La tierra campechana se ha convertido en un polvorín. En los primeros cinco meses de 2026, la entidad ha registrado un alarmante incremento en el número de incendios forestales, casi triplicando las cifras del mismo periodo del año anterior. Con un total de 107 siniestros documentados, la superficie afectada asciende a la escalofriante cifra de 27,705 hectáreas, según datos preliminares de la Comisión Nacional Forestal (Conafor).

Esta explosión de fuego ha posicionado a Campeche en el sexto lugar a nivel nacional en cuanto a la incidencia de incendios forestales. Un dato que no solo enciende las alarmas de los ecologistas, sino que también pone en tela de juicio la efectividad de las políticas de prevención y combate al fuego implementadas por las autoridades.

El panorama es desolador. Las llamas han consumido vastas extensiones de selva y bosques, hábitat de innumerables especies y pulmones vitales para el ecosistema regional. La pérdida de biodiversidad es incalculable, y la recuperación de estos ecosistemas devastados podría llevar décadas, si es que llegan a recuperarse por completo.

Las causas de este incremento son multifactoriales, pero la mano del hombre, ya sea por negligencia o intencionalidad, se perfila como el principal detonante. Las altas temperaturas, la sequía prolongada y la falta de conciencia ecológica en ciertos sectores de la población crean el caldo de cultivo perfecto para que los incendios se propaguen con una velocidad aterradora.

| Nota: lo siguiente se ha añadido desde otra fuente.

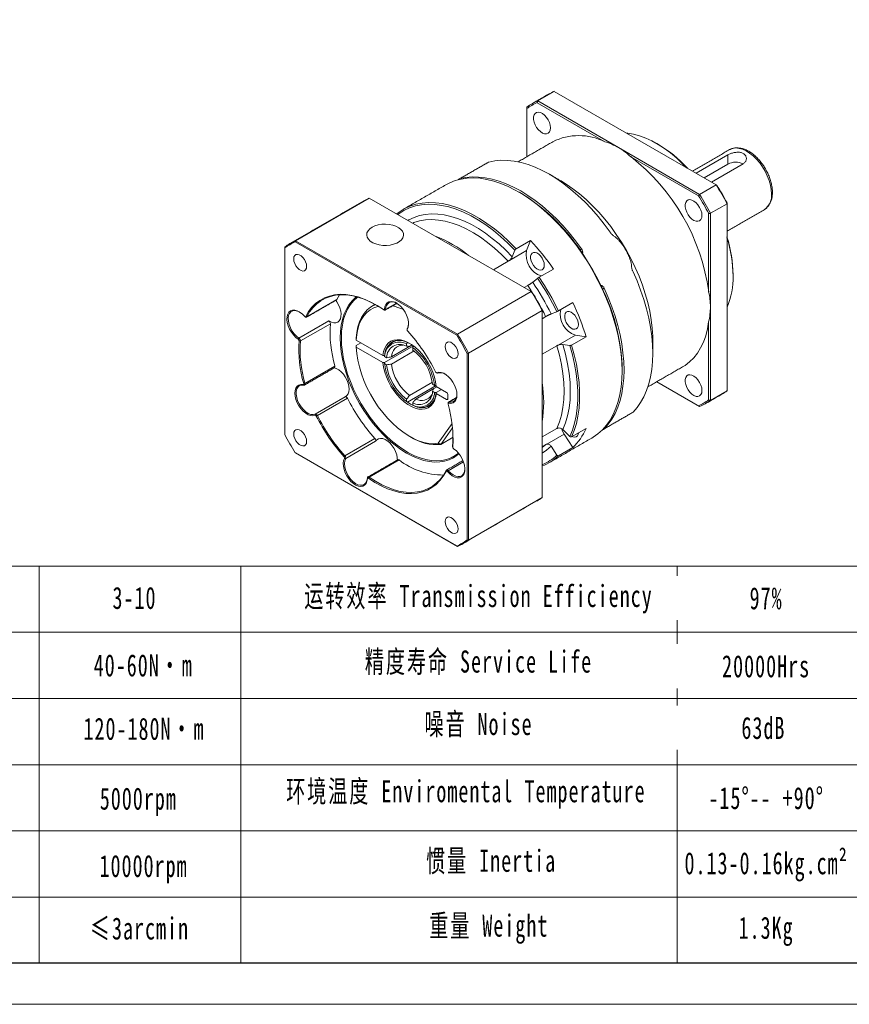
# Model space of a CAD drawing. Header units: millimetres. Extents: x 30 to 542, y 53 to 337.
# Tile 2 of 5: x 146 to 242, y 53 to 167. Entities that reach past the tile are written whole.
import ezdxf

# ---------------------------------------------------------------- set-up
doc = ezdxf.new("R2010")
doc.units = ezdxf.units.MM
doc.header["$LTSCALE"] = 8
doc.layers.get('0').update_dxf_attribs({"lineweight": 18})
doc.layers.add('图框_外框线', color=7, linetype='Continuous', lineweight=18)
doc.styles.add('标准', font='txt', dxfattribs={"width": 0.667})

msp = doc.modelspace()

# ---------------------------------------------------------------- linework, layer by layer
at = {"color": 7, "linetype": 'Continuous', "lineweight": 15}
for p, q in [((207.59, 158.64), (205.69, 157.54)), ((226.3, 147.84), (207.59, 158.64)), ((213.44, 152.82), (205.62, 157.33)), ((205.69, 157.54), (215.04, 152.14)), ((204.43, 156.65), (204.43, 151.09)), ((215.04, 152.14), (224.39, 146.74)), ((223.99, 149.18), (227.66, 151.3)), ((227.66, 151.3), (227.66, 150.24)), ((227.88, 151.92), (227.85, 151.91)), ((200.03, 150.47), (196.71, 148.56)), ((224.25, 146.58), (216.43, 151.09)), ((227.66, 150.24), (224.91, 148.65)), ((229.43, 150.28), (225.75, 148.16)), ((196.71, 148.56), (196.69, 148.48)), ((224.39, 146.74), (226.3, 147.84)), ((186.24, 146.32), (177.72, 141.4)), ((204.95, 135.52), (186.24, 146.32)), ((227.56, 145.67), (225.65, 144.57)), ((227.56, 124.07), (227.56, 145.67)), ((225.43, 135.5), (225.43, 144.52)), ((225.65, 144.57), (225.65, 133.77)), ((196.33, 130.49), (177.68, 141.26)), ((177.72, 141.4), (196.43, 130.6)), ((203.19, 140.47), (204.85, 141.43)), ((204.85, 141.43), (204.41, 140.28)), ((176.47, 140.56), (176.47, 119.02)), ((204.41, 140.28), (202.42, 139.13)), ((202.75, 139.55), (203.05, 140.31)), ((210.75, 140.45), (210.58, 140.33)), ((210.87, 139.92), (210.85, 139.93)), ((200.57, 138.04), (202.28, 139.03)), ((207.5, 138.13), (205.84, 137.17)), ((205.67, 137.05), (205.11, 136.61)), ((204.95, 135.52), (196.43, 130.6)), ((204.53, 136.22), (204.12, 135.99)), ((212.98, 136.27), (212.98, 136.25)), ((213.38, 135.9), (213.18, 135.81)), ((179.02, 132.61), (182.49, 134.61)), ((182.49, 134.61), (182.8, 135.15)), ((188.13, 133.49), (189.37, 134.2)), ((208.08, 133.29), (209.74, 134.25)), ((188.13, 133.49), (187.99, 133.49)), ((206.2, 133.35), (197.68, 128.43)), ((206.2, 111.74), (206.2, 133.35)), ((207.23, 132.94), (207.89, 133.2)), ((225.65, 133.77), (225.65, 122.97)), ((178.11, 130.14), (181.58, 132.14)), ((179.02, 132.61), (178.89, 132.64)), ((206.2, 132.39), (206.61, 132.63)), ((225.43, 123.01), (225.43, 132.04)), ((181.74, 131.82), (178.28, 129.82)), ((190.64, 131.26), (190.63, 131.15)), ((178.11, 130.14), (178.04, 130.02)), ((178.28, 129.82), (178.14, 129.83)), ((187.8, 128.15), (184.71, 129.93)), ((184.71, 129.31), (185.25, 129.62)), ((210.05, 130.5), (208.07, 129.35)), ((211.28, 130.3), (209.61, 129.34)), ((210.05, 130.5), (211.28, 130.3)), ((184.71, 129.11), (187.8, 127.33)), ((188.01, 127.33), (191.34, 129.25)), ((188.01, 127.33), (191.34, 129.25)), ((188.8, 127.98), (191.19, 129.36)), ((191.42, 128.68), (188.8, 127.16)), ((190.54, 129.48), (190.54, 129.22)), ((191.19, 129.36), (190.89, 129.19)), ((191.25, 128.81), (191.25, 129.07)), ((207.91, 129.28), (206.2, 128.29)), ((209.41, 129.3), (208.59, 129.43)), ((188.24, 127.89), (188.01, 128.02)), ((197.54, 106.85), (197.54, 128.4)), ((197.68, 128.43), (197.68, 106.82)), ((178.8, 124.93), (182.26, 126.93)), ((188.01, 127.21), (188.24, 127.08)), ((190.89, 123.53), (193.52, 125.05)), ((194.04, 126.16), (194.16, 126.11)), ((219.43, 125.11), (224.25, 122.33)), ((224.39, 122.24), (219.43, 125.11)), ((178.69, 124.73), (178.6, 124.78)), ((178.8, 124.93), (178.66, 124.9)), ((193.97, 124.69), (190.64, 122.77)), ((193.69, 124.33), (191.6, 123.12)), ((193.77, 124.7), (193.55, 124.83)), ((193.55, 124.01), (193.77, 123.88)), ((193.69, 124.33), (194.05, 124.54)), ((195.17, 123.89), (193.98, 124.58)), ((194.58, 124.23), (193.98, 123.88)), ((194.58, 124.23), (193.98, 123.88)), ((225.65, 122.97), (227.56, 124.07)), ((179.99, 121.38), (183.45, 123.38)), ((183.71, 123.21), (180.24, 121.21)), ((190.54, 123.09), (190.54, 122.83)), ((193.98, 123.76), (195.17, 123.07)), ((195.31, 123.16), (195.17, 123.07)), ((195.31, 123.16), (195.31, 123.65)), ((195.41, 122.63), (195.46, 122.76)), ((196.29, 123.25), (195.46, 122.76)), ((191.25, 122.43), (191.25, 122.68)), ((179.99, 121.38), (179.97, 121.25)), ((180.24, 121.21), (180.12, 121.15)), ((213.38, 119.68), (216.7, 121.6)), ((194.2, 118.01), (195.8, 120.28)), ((195.85, 119.8), (194.51, 117.89)), ((206.2, 118.74), (207.91, 119.72)), ((208.59, 119.59), (209.41, 118.78)), ((209.61, 118.74), (211.28, 119.7)), ((213.3, 119.71), (213.38, 119.68)), ((183.42, 116.56), (186.89, 118.56)), ((186.97, 118.24), (183.51, 116.24)), ((194.51, 117.89), (195.91, 118.7)), ((208.75, 119.06), (206.76, 117.92)), ((208.75, 119.06), (209.74, 117.52)), ((195.87, 117.58), (195.87, 117.67)), ((195.87, 117.65), (195.87, 117.67)), ((206.61, 117.87), (206.2, 117.64)), ((206.2, 117.52), (206.61, 117.87)), ((207.89, 116.63), (207.23, 117.66)), ((209.74, 117.52), (208.08, 116.56)), ((177.68, 116.93), (196.33, 106.16)), ((196.43, 106.1), (177.72, 116.9)), ((183.32, 116.46), (183.42, 116.56)), ((183.37, 116.27), (183.51, 116.24)), ((189.68, 116.09), (186.21, 114.09)), ((195.12, 114.77), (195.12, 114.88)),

Es imperativo que las autoridades refuercen las campañas de concientización y educación ambiental. La protección de nuestros bosques no es solo una tarea de los cuerpos de bomberos y brigadistas, sino una responsabilidad compartida por todos los ciudadanos. Cada acción cuenta, desde evitar fogatas irresponsables hasta denunciar actividades sospechosas que puedan derivar en un desastre ecológico.

La situación en Campeche es un reflejo de un problema mayor que aqueja a todo el país. La deforestación, el cambio climático y la falta de una gestión forestal integral están llevando a nuestros ecosistemas al límite. Es hora de tomar medidas drásticas y efectivas antes de que sea demasiado tarde.

Los brigadistas y cuerpos de emergencia han trabajado incansablemente para sofocar las llamas, arriesgando sus vidas en el intento. Sin embargo, la magnitud del problema rebasa en ocasiones sus capacidades. Se requiere una inversión mayor en equipamiento, capacitación y personal para hacer frente a esta creciente amenaza.

La respuesta gubernamental ha sido, hasta ahora, insuficiente. Si bien se han emitido comunicados y se han desplegado algunos recursos, la magnitud de la catástrofe exige una acción más contundente y coordinada. La protección del medio ambiente debe ser una prioridad absoluta, no un tema secundario en la agenda política.

La comunidad científica ha advertido en repetidas ocasiones sobre las consecuencias devastadoras del cambio climático y la deforestación. Ignorar estas advertencias sería un acto de irresponsabilidad mayúscula con las futuras generaciones. El futuro de Campeche, y de México, depende de las acciones que tomemos hoy.

Es fundamental que se investiguen a fondo las causas de cada incendio y se sancione ejemplarmente a los responsables. La impunidad solo fomenta la repetición de estos actos destructivos. La justicia ambiental debe prevalecer.

La sociedad civil organizada y los grupos ecologistas han alzado la voz, exigiendo medidas más enérgicas. Su labor de vigilancia y denuncia es crucial para mantener la presión sobre las autoridades y asegurar que se tomen las acciones necesarias.

El gobierno del estado, en coordinación con el gobierno federal, debe implementar un plan de contingencia robusto que incluya la prevención, el combate y la restauración de las áreas afectadas. La inversión en tecnología de monitoreo y alerta temprana es vital para anticiparse a los desastres.

La recuperación de las 27,705 hectáreas devastadas será un desafío monumental. Se necesitarán programas de reforestación a gran escala, con especies nativas y un seguimiento cuidadoso para asegurar su supervivencia. La restauración ecológica debe ser una política de estado.

En definitiva, la triplicación de los incendios forestales en Campeche es una llamada de atención que no podemos ignorar. Es un grito de auxilio de la naturaleza que exige una respuesta inmediata y decidida por parte de todos.